If they’d maintained their plans, this whole absurdity might be much further along, or over. And Trump can still wreak havoc–pardons, executive orders, firing and hiring people–without a “coup” and has plenty of time to do it given the long interregnum before the inaugural (and to think it used to be March 4th), so street actions could be directed not just at the past (the election) but the future (Trump insanity and Biden’s sure-to-be-corporate administration).
Trump’s playing with house money—he can do all these bizarre things that aren’t going to work, but he buys time to get MAGA crazies more riled up, to help two thuggish Republicans in Georgia run their senate campaigns, to confront the real possibility of myriad legal problems when no longer sheltered in the White House, and to continue his life-long grift by getting people to donate to his “fair election” slush fund.
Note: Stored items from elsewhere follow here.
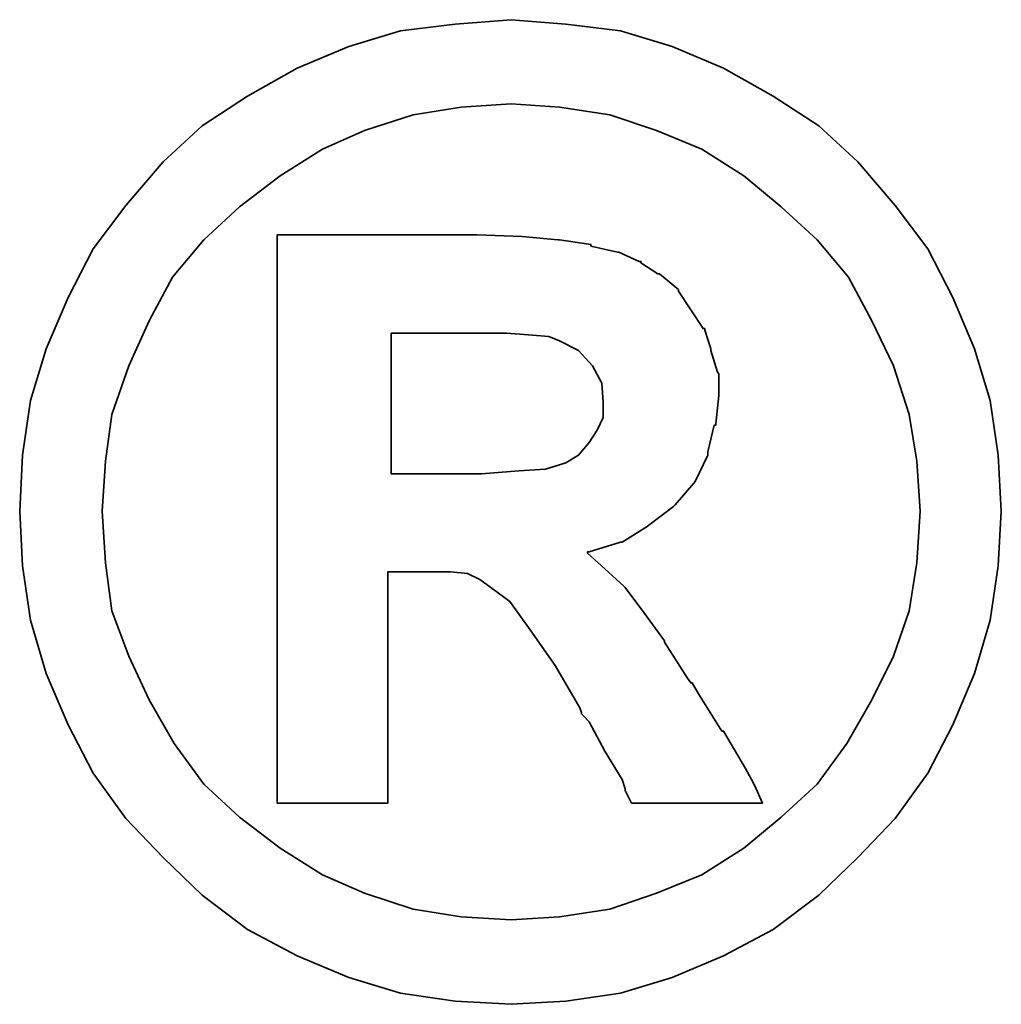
# Model space of a CAD drawing. Extents: x 1014 to 1334, y 100 to 294.
# Tile 48 of 50: x 1312.67 to 1313.97, y 190.14 to 191.44. Entities that reach past the tile are written whole.
import ezdxf

# ---------------------------------------------------------------- set-up
doc = ezdxf.new("R2010")
doc.units = 0
doc.header["$MEASUREMENT"] = 0
doc.layers.add('DIM', color=4, linetype='CONTINUOUS')
doc.layers.add('layer 1', color=7, linetype='CONTINUOUS')

# ---------------------------------------------------------------- blocks, each defined once
blk = doc.blocks.new('TBI MOTION logo(完整正式版)')
at = {"layer": 'layer 1', "color": 22, "lineweight": 35}
for points, knots in [([(81.20634, 4.98624), (81.20634, 4.98624), (81.18649, 5.32862), (81.18649, 5.32862), (81.18649, 5.32862), (81.18649, 5.32862), (81.13886, 5.66206), (81.13886, 5.66206), (81.13886, 5.66206), (81.13886, 5.66206), (81.04359, 5.97764), (81.04359, 5.97764), (81.04359, 5.97764), (81.04359, 5.97764), (80.91061, 6.29124), (80.91061, 6.29124), (80.91061, 6.29124), (80.91061, 6.29124), (80.75778, 6.58697), (80.75778, 6.58697), (80.75778, 6.58697), (80.75778, 6.58697), (80.5593, 6.85294), (80.5593, 6.85294), (80.5593, 6.85294), (80.5593, 6.85294), (80.33105, 7.1189), (80.33105, 7.1189), (80.33105, 7.1189), (80.33105, 7.1189), (80.09287, 7.33921), (80.09287, 7.33921), (80.09287, 7.33921), (80.09287, 7.33921), (79.815, 7.51982), (79.815, 7.51982), (79.815, 7.51982), (79.815, 7.51982), (79.51133, 7.69051), (79.51133, 7.69051), (79.51133, 7.69051), (79.51133, 7.69051), (79.19773, 7.8235), (79.19773, 7.8235), (79.19773, 7.8235), (79.19773, 7.8235), (78.88215, 7.91877), (78.88215, 7.91877), (78.88215, 7.91877), (78.88215, 7.91877), (78.54871, 7.95846), (78.54871, 7.95846), (78.54871, 7.95846), (78.54871, 7.95846), (78.21526, 7.98625), (78.21526, 7.98625), (78.21526, 7.98625), (78.21526, 7.98625), (77.87388, 7.95846), (77.87388, 7.95846), (77.87388, 7.95846), (77.87388, 7.95846), (77.54044, 7.91877), (77.54044, 7.91877), (77.54044, 7.91877), (77.54044, 7.91877), (77.22485, 7.8235), (77.22485, 7.8235), (77.22485, 7.8235), (77.22485, 7.8235), (76.91027, 7.69051), (76.91027, 7.69051), (76.91027, 7.69051), (76.91027, 7.69051), (76.6056, 7.51982), (76.6056, 7.51982), (76.6056, 7.51982), (76.6056, 7.51982), (76.32972, 7.33921), (76.32972, 7.33921), (76.32972, 7.33921), (76.32972, 7.33921), (76.09154, 7.1189), (76.09154, 7.1189), (76.09154, 7.1189), (76.09154, 7.1189), (75.86329, 6.85294), (75.86329, 6.85294), (75.86329, 6.85294), (75.86329, 6.85294), (75.66382, 6.58697), (75.66382, 6.58697), (75.66382, 6.58697), (75.66382, 6.58697), (75.51099, 6.29124), (75.51099, 6.29124), (75.51099, 6.29124), (75.51099, 6.29124), (75.37702, 5.97764), (75.37702, 5.97764), (75.37702, 5.97764), (75.37702, 5.97764), (75.28175, 5.66206), (75.28175, 5.66206), (75.28175, 5.66206), (75.28175, 5.66206), (75.23411, 5.32862), (75.23411, 5.32862), (75.23411, 5.32862), (75.23411, 5.32862), (75.21625, 4.98624), (75.21625, 4.98624), (75.21625, 4.98624), (75.21625, 4.98624), (75.23411, 4.6528), (75.23411, 4.6528), (75.23411, 4.6528), (75.23411, 4.6528), (75.28175, 4.32035), (75.28175, 4.32035), (75.28175, 4.32035), (75.28175, 4.32035), (75.37702, 3.99583), (75.37702, 3.99583), (75.37702, 3.99583), (75.37702, 3.99583), (75.51099, 3.68224), (75.51099, 3.68224), (75.51099, 3.68224), (75.51099, 3.68224), (75.66382, 3.38749), (75.66382, 3.38749), (75.66382, 3.38749), (75.66382, 3.38749), (75.86329, 3.10963), (75.86329, 3.10963), (75.86329, 3.10963), (75.86329, 3.10963), (76.09154, 2.87145), (76.09154, 2.87145), (76.09154, 2.87145), (76.09154, 2.87145), (76.32972, 2.6432), (76.32972, 2.6432), (76.32972, 2.6432), (76.32972, 2.6432), (76.6056, 2.43381), (76.6056, 2.43381), (76.6056, 2.43381), (76.6056, 2.43381), (76.91027, 2.27205), (76.91027, 2.27205), (76.91027, 2.27205), (76.91027, 2.27205), (77.22485, 2.13906), (77.22485, 2.13906), (77.22485, 2.13906), (77.22485, 2.13906), (77.54044, 2.0438), (77.54044, 2.0438), (77.54044, 2.0438), (77.54044, 2.0438), (77.87388, 1.99616), (77.87388, 1.99616), (77.87388, 1.99616), (77.87388, 1.99616), (78.21526, 1.97631), (78.21526, 1.97631), (78.21526, 1.97631), (78.21526, 1.97631), (78.54871, 1.99616), (78.54871, 1.99616), (78.54871, 1.99616), (78.54871, 1.99616), (78.88215, 2.0438), (78.88215, 2.0438), (78.88215, 2.0438), (78.88215, 2.0438), (79.19773, 2.13906), (79.19773, 2.13906), (79.19773, 2.13906), (79.19773, 2.13906), (79.51133, 2.27205), (79.51133, 2.27205), (79.51133, 2.27205), (79.51133, 2.27205), (79.815, 2.43381), (79.815, 2.43381), (79.815, 2.43381), (79.815, 2.43381), (80.09287, 2.6432), (80.09287, 2.6432), (80.09287, 2.6432), (80.09287, 2.6432), (80.33105, 2.87145), (80.33105, 2.87145), (80.33105, 2.87145), (80.33105, 2.87145), (80.5593, 3.10963), (80.5593, 3.10963), (80.5593, 3.10963), (80.5593, 3.10963), (80.75778, 3.38749), (80.75778, 3.38749), (80.75778, 3.38749), (80.75778, 3.38749), (80.91061, 3.68224), (80.91061, 3.68224), (80.91061, 3.68224), (80.91061, 3.68224), (81.04359, 3.99583), (81.04359, 3.99583), (81.04359, 3.99583), (81.04359, 3.99583), (81.13886, 4.32035), (81.13886, 4.32035), (81.13886, 4.32035), (81.13886, 4.32035), (81.18649, 4.6528), (81.18649, 4.6528), (81.18649, 4.6528), (81.18649, 4.6528), (81.20634, 4.98624), (81.20634, 4.98624)], [0, 0, 0, 0, 0.0178571, 0.0178571, 0.0178571, 0.0178571, 0.0357143, 0.0357143, 0.0357143, 0.0357143, 0.0535714, 0.0535714, 0.0535714, 0.0535714, 0.0714286, 0.0714286, 0.0714286, 0.0714286, 0.0892857, 0.0892857, 0.0892857, 0.0892857, 0.1071429, 0.1071429, 0.1071429, 0.1071429, 0.125, 0.125, 0.125, 0.125, 0.1428571, 0.1428571, 0.1428571, 0.1428571, 0.1607143, 0.1607143, 0.1607143, 0.1607143, 0.1785714, 0.1785714, 0.1785714, 0.1785714, 0.1964286, 0.1964286, 0.1964286, 0.1964286, 0.2142857, 0.2142857, 0.2142857, 0.2142857, 0.2321429, 0.2321429, 0.2321429, 0.2321429, 0.25, 0.25, 0.25, 0.25, 0.2678571, 0.2678571, 0.2678571, 0.2678571, 0.2857143, 0.2857143, 0.2857143, 0.2857143, 0.3035714, 0.3035714, 0.3035714, 0.3035714, 0.3214286, 0.3214286, 0.3214286, 0.3214286, 0.3392857, 0.3392857, 0.3392857, 0.3392857, 0.3571429, 0.3571429, 0.3571429, 0.3571429, 0.375, 0.375, 0.375, 0.375, 0.3928571, 0.3928571, 0.3928571, 0.3928571, 0.4107143, 0.4107143, 0.4107143, 0.4107143, 0.4285714, 0.4285714, 0.4285714, 0.4285714, 0.4464286, 0.4464286, 0.4464286, 0.4464286, 0.4642857, 0.4642857, 0.4642857, 0.4642857, 0.4821429, 0.4821429, 0.4821429, 0.4821429, 0.5, 0.5, 0.5, 0.5, 0.5178571, 0.5178571, 0.5178571, 0.5178571, 0.5357143, 0.5357143, 0.5357143, 0.5357143, 0.5535714, 0.5535714, 0.5535714, 0.5535714, 0.5714286, 0.5714286, 0.5714286, 0.5714286, 0.5892857, 0.5892857, 0.5892857, 0.5892857, 0.6071429, 0.6071429, 0.6071429, 0.6071429, 0.625, 0.625, 0.625, 0.625, 0.6428571, 0.6428571, 0.6428571, 0.6428571, 0.6607143, 0.6607143, 0.6607143, 0.6607143, 0.6785714, 0.6785714, 0.6785714, 0.6785714, 0.6964286, 0.6964286, 0.6964286, 0.6964286, 0.7142857, 0.7142857, 0.7142857, 0.7142857, 0.7321429, 0.7321429, 0.7321429, 0.7321429, 0.75, 0.75, 0.75, 0.75, 0.7678571, 0.7678571, 0.7678571, 0.7678571, 0.7857143, 0.7857143, 0.7857143, 0.7857143, 0.8035714, 0.8035714, 0.8035714, 0.8035714, 0.8214286, 0.8214286, 0.8214286, 0.8214286, 0.8392857, 0.8392857, 0.8392857, 0.8392857, 0.8571429, 0.8571429, 0.8571429, 0.8571429, 0.875, 0.875, 0.875, 0.875, 0.8928571, 0.8928571, 0.8928571, 0.8928571, 0.9107143, 0.9107143, 0.9107143, 0.9107143, 0.9285714, 0.9285714, 0.9285714, 0.9285714, 0.9464286, 0.9464286, 0.9464286, 0.9464286, 0.9642857, 0.9642857, 0.9642857, 0.9642857, 0.9821429, 0.9821429, 0.9821429, 0.9821429, 1, 1, 1, 1]), ([(80.71014, 4.98624), (80.71014, 4.98624), (80.69129, 5.29091), (80.69129, 5.29091), (80.69129, 5.29091), (80.69129, 5.29091), (80.64464, 5.57672), (80.64464, 5.57672), (80.64464, 5.57672), (80.64464, 5.57672), (80.54937, 5.87245), (80.54937, 5.87245), (80.54937, 5.87245), (80.54937, 5.87245), (80.41639, 6.14833), (80.41639, 6.14833), (80.41639, 6.14833), (80.41639, 6.14833), (80.27349, 6.41429), (80.27349, 6.41429), (80.27349, 6.41429), (80.27349, 6.41429), (80.08295, 6.64255), (80.08295, 6.64255), (80.08295, 6.64255), (80.08295, 6.64255), (79.86264, 6.84301), (79.86264, 6.84301), (79.86264, 6.84301), (79.86264, 6.84301), (79.63439, 7.03355), (79.63439, 7.03355), (79.63439, 7.03355), (79.63439, 7.03355), (79.37835, 7.1963), (79.37835, 7.1963), (79.37835, 7.1963), (79.37835, 7.1963), (79.10246, 7.30944), (79.10246, 7.30944), (79.10246, 7.30944), (79.10246, 7.30944), (78.81665, 7.40471), (78.81665, 7.40471), (78.81665, 7.40471), (78.81665, 7.40471), (78.511, 7.45234), (78.511, 7.45234), (78.511, 7.45234), (78.511, 7.45234), (78.21526, 7.47219), (78.21526, 7.47219), (78.21526, 7.47219), (78.21526, 7.47219), (77.9106, 7.45234), (77.9106, 7.45234), (77.9106, 7.45234), (77.9106, 7.45234), (77.61685, 7.40471), (77.61685, 7.40471), (77.61685, 7.40471), (77.61685, 7.40471), (77.32012, 7.30944), (77.32012, 7.30944), (77.32012, 7.30944), (77.32012, 7.30944), (77.06309, 7.1963), (77.06309, 7.1963), (77.06309, 7.1963), (77.06309, 7.1963), (76.80606, 7.03355), (76.80606, 7.03355), (76.80606, 7.03355), (76.80606, 7.03355), (76.55797, 6.84301), (76.55797, 6.84301), (76.55797, 6.84301), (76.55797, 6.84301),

The sights of people who spontaneously went out to celebrate Trump’s defeat was joyous, and they deserve fanfare, and not criticism. Not only did they enjoy deposing Trump, but went hardscrabble against the much fewer number of MAGA people who went out to harass them. But organized political groups who’d spend the past couple years freaking people out about fascism and a coup, only to go to brunch instead of the barricades on November 4th, need to be confronted with outrage, pure outrage.
The GOP isn’t going to suddenly revert from the party of Trump to Mr. Rogers, and the resistance better be ready, like yesterday, to get into the streets, because while the president’s days are numbered, the struggle for a better life is already underway and the bad guys have a head start. Bowing out of street action because of something as simple as projections that showed Biden winning Pennsylvania and Georgia is a really bad sign…..
Professor Robert Buzzanco is a professor of history at the University of Houston. He specializes in, writes about and talks on the Vietnam War era, military-civilian relations, foreign policy, Vietnam, radical social movements, economics, and other stuff.